We agree that the binding affinity of montelukast to Nsp1 is low. Hence we have now modified our statement to say that montelukast would be a good starting point for designing more potent drug molecules against SARS-CoV-2 (Pg 2 lines 46-47 and Pg 7, line 207-208).

Regarding the reported anti-protease activity of montelukast, Ma and Wang showed that montelukast gives false positive anti-protease activity and it cannot bind the GST-tagged-M^pro in thermal shift assay and native mass spectrometry experiments. Hence, they concluded that montelukast is not SARS-CoV-2 main protease inhibitor (Ma and Wang, Proc Natl Acad Sci, 2021; doi: 10.1073/pnas.2024420118). We have discussed this work in discussion (Pg 7, line 198-200).

Hence, the observed antiviral effects of montelukast appears to be because of targeting of the C-terminal helices of Nsp1.

Overall, there are many important points to clarify and thus the conclusions are not currently supported by the data.

Reviewer #3 (Recommendations for the authors):

I recommend that the authors change "in vivo" models to cellular models on page 4, line 84.

We thank reviewer for this valuable suggestion. We have made this change throughout the manuscript.

The last sentence in the discussion should be changed to stating that montelukast will be an excellent starting point for the development of more potent drugs.

We have made this change in the last sentence of the discussion as suggested. Further, we have modified the last sentence of the discussion.

Abstract, lines 35 and 37: change "cov" to "CoV".

This is corrected in the revised manuscript.

Lines 46 and 47: change sentence as montelukast will not help to combat SARS-CoV-2 as the Kd valu is too weak with ca. 10 uM. But one could argue that it is a good starting point for the development of more potent drugs.

We have made this change in the revised manuscript.
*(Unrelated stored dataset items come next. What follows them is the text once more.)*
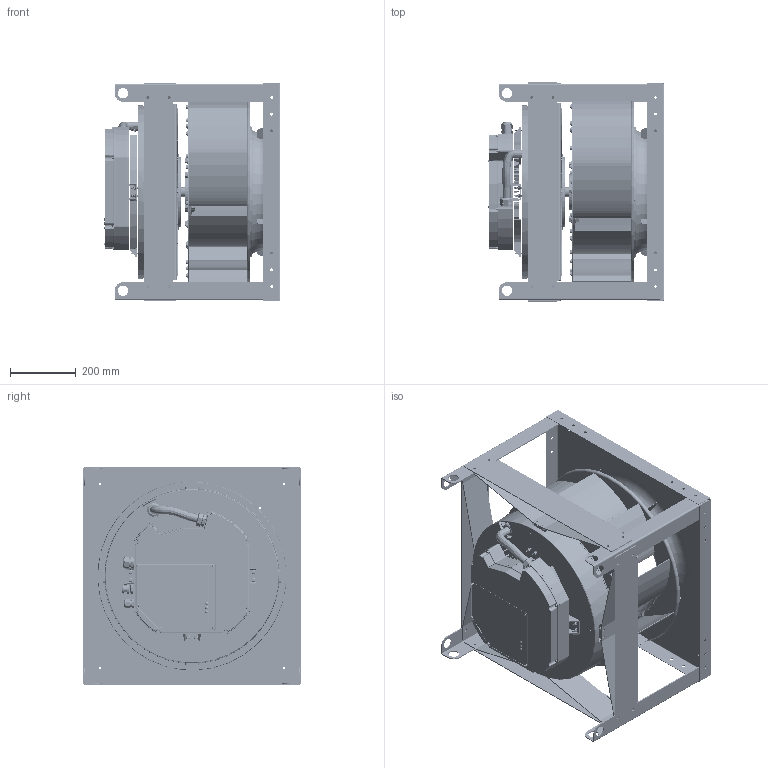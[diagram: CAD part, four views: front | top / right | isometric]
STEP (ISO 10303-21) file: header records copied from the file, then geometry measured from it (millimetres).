
FILE_DESCRIPTION (( 'STEP AP214' ), '1' );
FILE_NAME ('655772.STEP', '2026-04-07T20:29:26', ( '' ), ( '' ), 'SwSTEP 2.0', 'SolidWorks 2023', '' );
FILE_SCHEMA (( 'AUTOMOTIVE_DESIGN' ));
Length unit declared in the file: inch
Products named in the file (19): SXP22 FP_651389; 941770_BUSHING  TB2012 X 1.125; 655772; SXP22 INLET_651414; SXP22 BLADE_651387; SXP22 WHEEL WELDMENT_655574; 651587_651587; SXP22 INLET ASSY_655579; 941153_941153; SXP22 BAFFLE_651419; SXP22 WHEEL ASSY_655589; 925959CS_925959CS; 651588_651588; 941044_941044; 941768_941768; SXP22 BP_651390; 651583_651583; 941156_941156; SXPI STRAP_651579
Assembly tree (83 placements, depth 4):
  655772
    651587_651587
    SXP22 INLET ASSY_655579
      SXP22 INLET_651414
      SXP22 BAFFLE_651419  x4
    SXP22 WHEEL ASSY_655589
      SXP22 WHEEL WELDMENT_655574
        SXP22 FP_651389
        SXP22 BLADE_651387  x9
        SXP22 BP_651390
        941044_941044  x36
      941153_941153  x6
      941156_941156  x6
      941768_941768
    925959CS_925959CS
    651588_651588  x4
    941770_BUSHING  TB2012 X 1.125
    651583_651583  x4
    SXPI STRAP_651579  x4
Bounding box: 536.78 x 663.7 x 663.7 mm (x, y, z)
Volume: 6868947.6 mm3; surface area: 6257973.3 mm2
Topology: 79 solids, 371 shells, 7089 faces, 21052 edges, 14188 vertices
Faces by surface type: plane 2788, cylinder 1714, bspline 1439, cone 782, torus 298, sphere 68
Full cylindrical faces by diameter (mm): 2.9 x2, 3.962 x10, 4.762 x3, 4.763 x15, 5.105 x16, 6 x37, 6.35 x36, 7 x5, 7.137 x16, 7.544 x1, 7.937 x3, 7.938 x1, 8.5 x1, 8.738 x87, 9 x4, 9.525 x12, 9.73 x8, 10 x8, 10.1 x1, 11.8 x16, 12.5 x1, 12.6 x1, 13 x15, 13.208 x36, 14 x1, 14.097 x6, 17.462 x2, 17.463 x2, 19.05 x6, 20.32 x10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
Entity records: 277313 total; most frequent: CARTESIAN_POINT 182626, ORIENTED_EDGE 18674, DIRECTION 17019, EDGE_CURVE 11725, VERTEX_POINT 8394, AXIS2_PLACEMENT_3D 6819, EDGE_LOOP 4850, FACE_OUTER_BOUND 4114

I think the authors could improve their manuscript by polishing the English used. Please also adjust the use of the article "the". In addition, sentences could be improved in line 97, lines 136 to 137 (improve first part of the sentence), lines 143 to 144 (change "was" to "were"), lines 155 to 156, line 285 (change to "amino acids 145 to 180"), line 352 and line 381, to name a few. As this is an interesting manuscript, it is worth improving it!

We have rewritten portion to improve the English used. Also, we have made corrected the typos throughout the manuscript.